Instructions to follow ->
Transcribe each record exactly. Omit the pictures.

Stored items from a collection:
____________________

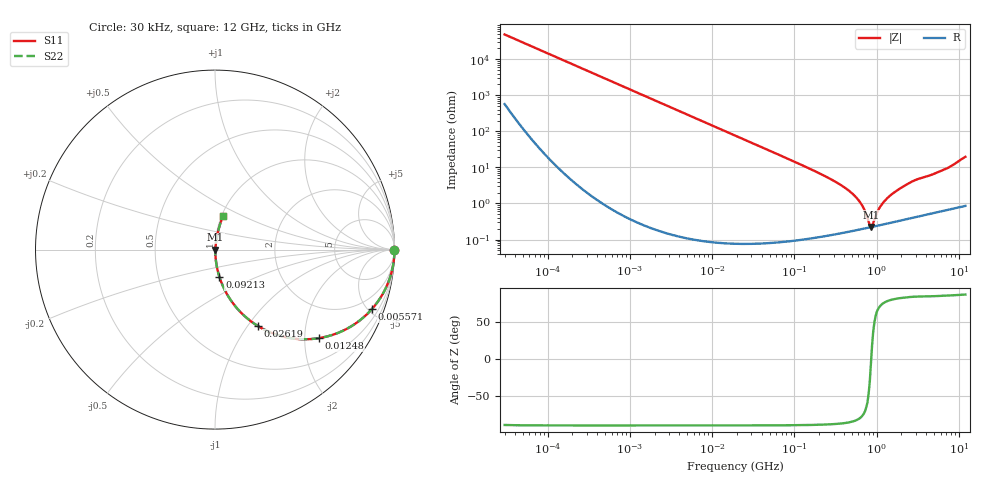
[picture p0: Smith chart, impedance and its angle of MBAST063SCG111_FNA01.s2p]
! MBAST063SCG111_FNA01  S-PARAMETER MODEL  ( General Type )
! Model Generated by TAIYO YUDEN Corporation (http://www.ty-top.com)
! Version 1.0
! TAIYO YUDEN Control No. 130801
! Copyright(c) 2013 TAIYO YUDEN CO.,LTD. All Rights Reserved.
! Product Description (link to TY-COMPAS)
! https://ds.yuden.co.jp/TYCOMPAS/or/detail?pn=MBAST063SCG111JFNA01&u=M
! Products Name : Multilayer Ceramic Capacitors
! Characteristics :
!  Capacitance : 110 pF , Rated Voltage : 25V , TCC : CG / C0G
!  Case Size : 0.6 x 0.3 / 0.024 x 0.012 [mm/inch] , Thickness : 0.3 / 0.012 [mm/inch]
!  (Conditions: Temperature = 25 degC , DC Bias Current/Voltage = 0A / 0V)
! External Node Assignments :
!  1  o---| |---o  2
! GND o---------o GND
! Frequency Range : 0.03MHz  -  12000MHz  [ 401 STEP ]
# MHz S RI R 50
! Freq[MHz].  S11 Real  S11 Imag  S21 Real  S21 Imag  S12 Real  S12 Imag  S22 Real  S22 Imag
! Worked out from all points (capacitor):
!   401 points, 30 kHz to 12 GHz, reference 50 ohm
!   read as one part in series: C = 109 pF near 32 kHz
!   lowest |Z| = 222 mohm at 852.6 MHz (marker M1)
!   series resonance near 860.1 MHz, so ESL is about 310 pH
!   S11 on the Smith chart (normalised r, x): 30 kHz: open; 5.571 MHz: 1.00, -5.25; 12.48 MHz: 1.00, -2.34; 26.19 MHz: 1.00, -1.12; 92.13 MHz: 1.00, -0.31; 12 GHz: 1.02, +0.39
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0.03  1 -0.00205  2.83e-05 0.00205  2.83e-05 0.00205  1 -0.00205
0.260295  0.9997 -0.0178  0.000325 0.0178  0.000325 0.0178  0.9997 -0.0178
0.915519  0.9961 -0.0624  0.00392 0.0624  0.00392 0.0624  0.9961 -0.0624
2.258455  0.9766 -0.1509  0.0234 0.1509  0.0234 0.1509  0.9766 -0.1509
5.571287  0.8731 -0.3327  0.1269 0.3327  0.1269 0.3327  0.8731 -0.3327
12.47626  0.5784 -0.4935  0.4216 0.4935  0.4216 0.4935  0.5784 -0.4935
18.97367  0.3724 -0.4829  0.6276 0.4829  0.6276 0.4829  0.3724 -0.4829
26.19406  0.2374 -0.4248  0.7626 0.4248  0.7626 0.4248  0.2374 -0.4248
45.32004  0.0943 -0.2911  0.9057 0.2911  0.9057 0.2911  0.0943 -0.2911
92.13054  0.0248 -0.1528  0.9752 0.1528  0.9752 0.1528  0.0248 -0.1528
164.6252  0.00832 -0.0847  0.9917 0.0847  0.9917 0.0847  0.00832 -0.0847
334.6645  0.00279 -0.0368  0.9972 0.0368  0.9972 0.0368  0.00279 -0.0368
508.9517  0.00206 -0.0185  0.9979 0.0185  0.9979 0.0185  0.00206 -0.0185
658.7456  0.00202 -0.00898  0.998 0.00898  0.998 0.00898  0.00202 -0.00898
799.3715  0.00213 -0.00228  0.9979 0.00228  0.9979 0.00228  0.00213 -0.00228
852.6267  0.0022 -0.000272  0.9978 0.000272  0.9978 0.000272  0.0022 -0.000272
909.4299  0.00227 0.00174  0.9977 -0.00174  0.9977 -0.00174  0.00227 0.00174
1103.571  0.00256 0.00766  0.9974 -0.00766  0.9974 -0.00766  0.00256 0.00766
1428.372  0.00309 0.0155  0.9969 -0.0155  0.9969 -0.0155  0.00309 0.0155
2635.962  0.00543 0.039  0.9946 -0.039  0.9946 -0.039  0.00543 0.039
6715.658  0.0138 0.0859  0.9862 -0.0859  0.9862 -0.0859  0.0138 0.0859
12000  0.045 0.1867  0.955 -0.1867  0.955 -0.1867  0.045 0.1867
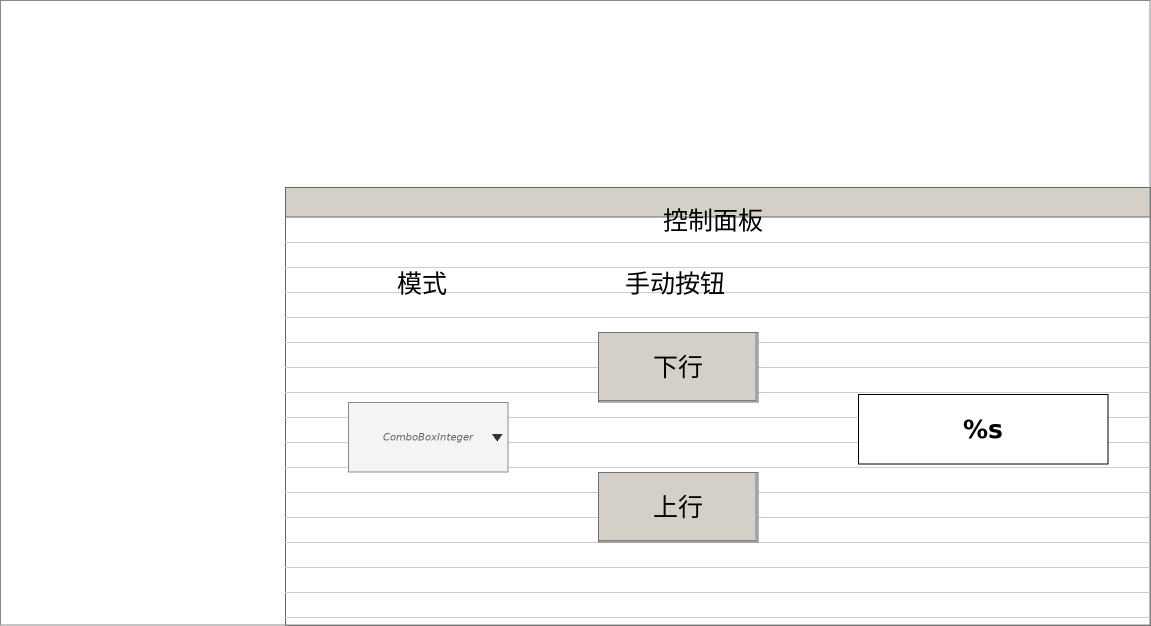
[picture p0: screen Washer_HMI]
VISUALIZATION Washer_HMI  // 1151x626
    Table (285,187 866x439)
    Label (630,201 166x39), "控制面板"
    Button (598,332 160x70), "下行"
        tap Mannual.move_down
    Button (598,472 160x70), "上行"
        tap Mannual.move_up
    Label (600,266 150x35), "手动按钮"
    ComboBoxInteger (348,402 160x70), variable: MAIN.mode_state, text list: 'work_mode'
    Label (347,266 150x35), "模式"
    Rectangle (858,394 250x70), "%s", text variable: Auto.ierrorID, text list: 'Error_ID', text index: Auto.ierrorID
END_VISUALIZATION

____________________

Task solution ->
[picture p0: Smith chart, impedance and its angle of MBAST063SCG111_FNA01.s2p]
! MBAST063SCG111_FNA01  S-PARAMETER MODEL  ( General Type )
! Model Generated by TAIYO YUDEN Corporation (http://www.ty-top.com)
! Version 1.0
! TAIYO YUDEN Control No. 130801
! Copyright(c) 2013 TAIYO YUDEN CO.,LTD. All Rights Reserved.
! Product Description (link to TY-COMPAS)
! https://ds.yuden.co.jp/TYCOMPAS/or/detail?pn=MBAST063SCG111JFNA01&u=M
! Products Name : Multilayer Ceramic Capacitors
! Characteristics :
!  Capacitance : 110 pF , Rated Voltage : 25V , TCC : CG / C0G
!  Case Size : 0.6 x 0.3 / 0.024 x 0.012 [mm/inch] , Thickness : 0.3 / 0.012 [mm/inch]
!  (Conditions: Temperature = 25 degC , DC Bias Current/Voltage = 0A / 0V)
! External Node Assignments :
!  1  o---| |---o  2
! GND o---------o GND
! Frequency Range : 0.03MHz  -  12000MHz  [ 401 STEP ]
# MHz S RI R 50
! Freq[MHz].  S11 Real  S11 Imag  S21 Real  S21 Imag  S12 Real  S12 Imag  S22 Real  S22 Imag
! Worked out from all points (capacitor):
!   401 points, 30 kHz to 12 GHz, reference 50 ohm
!   read as one part in series: C = 109 pF near 32 kHz
!   lowest |Z| = 222 mohm at 852.6 MHz (marker M1)
!   series resonance near 860.1 MHz, so ESL is about 310 pH
!   S11 on the Smith chart (normalised r, x): 30 kHz: open; 5.571 MHz: 1.00, -5.25; 12.48 MHz: 1.00, -2.34; 26.19 MHz: 1.00, -1.12; 92.13 MHz: 1.00, -0.31; 12 GHz: 1.02, +0.39
0.03  1 -0.00205  2.83e-05 0.00205  2.83e-05 0.00205  1 -0.00205
0.260295  0.9997 -0.0178  0.000325 0.0178  0.000325 0.0178  0.9997 -0.0178
0.915519  0.9961 -0.0624  0.00392 0.0624  0.00392 0.0624  0.9961 -0.0624
2.258455  0.9766 -0.1509  0.0234 0.1509  0.0234 0.1509  0.9766 -0.1509
5.571287  0.8731 -0.3327  0.1269 0.3327  0.1269 0.3327  0.8731 -0.3327
12.47626  0.5784 -0.4935  0.4216 0.4935  0.4216 0.4935  0.5784 -0.4935
18.97367  0.3724 -0.4829  0.6276 0.4829  0.6276 0.4829  0.3724 -0.4829
26.19406  0.2374 -0.4248  0.7626 0.4248  0.7626 0.4248  0.2374 -0.4248
45.32004  0.0943 -0.2911  0.9057 0.2911  0.9057 0.2911  0.0943 -0.2911
92.13054  0.0248 -0.1528  0.9752 0.1528  0.9752 0.1528  0.0248 -0.1528
164.6252  0.00832 -0.0847  0.9917 0.0847  0.9917 0.0847  0.00832 -0.0847
334.6645  0.00279 -0.0368  0.9972 0.0368  0.9972 0.0368  0.00279 -0.0368
508.9517  0.00206 -0.0185  0.9979 0.0185  0.9979 0.0185  0.00206 -0.0185
658.7456  0.00202 -0.00898  0.998 0.00898  0.998 0.00898  0.00202 -0.00898
799.3715  0.00213 -0.00228  0.9979 0.00228  0.9979 0.00228  0.00213 -0.00228
852.6267  0.0022 -0.000272  0.9978 0.000272  0.9978 0.000272  0.0022 -0.000272
909.4299  0.00227 0.00174  0.9977 -0.00174  0.9977 -0.00174  0.00227 0.00174
1103.571  0.00256 0.00766  0.9974 -0.00766  0.9974 -0.00766  0.00256 0.00766
1428.372  0.00309 0.0155  0.9969 -0.0155  0.9969 -0.0155  0.00309 0.0155
2635.962  0.00543 0.039  0.9946 -0.039  0.9946 -0.039  0.00543 0.039
6715.658  0.0138 0.0859  0.9862 -0.0859  0.9862 -0.0859  0.0138 0.0859
12000  0.045 0.1867  0.955 -0.1867  0.955 -0.1867  0.045 0.1867
[picture p0: screen Washer_HMI]
VISUALIZATION Washer_HMI  // 1151x626
    Table (285,187 866x439)
    Label (630,201 166x39), "控制面板"
    Button (598,332 160x70), "下行"
        tap Mannual.move_down
    Button (598,472 160x70), "上行"
        tap Mannual.move_up
    Label (600,266 150x35), "手动按钮"
    ComboBoxInteger (348,402 160x70), variable: MAIN.mode_state, text list: 'work_mode'
    Label (347,266 150x35), "模式"
    Rectangle (858,394 250x70), "%s", text variable: Auto.ierrorID, text list: 'Error_ID', text index: Auto.ierrorID
END_VISUALIZATION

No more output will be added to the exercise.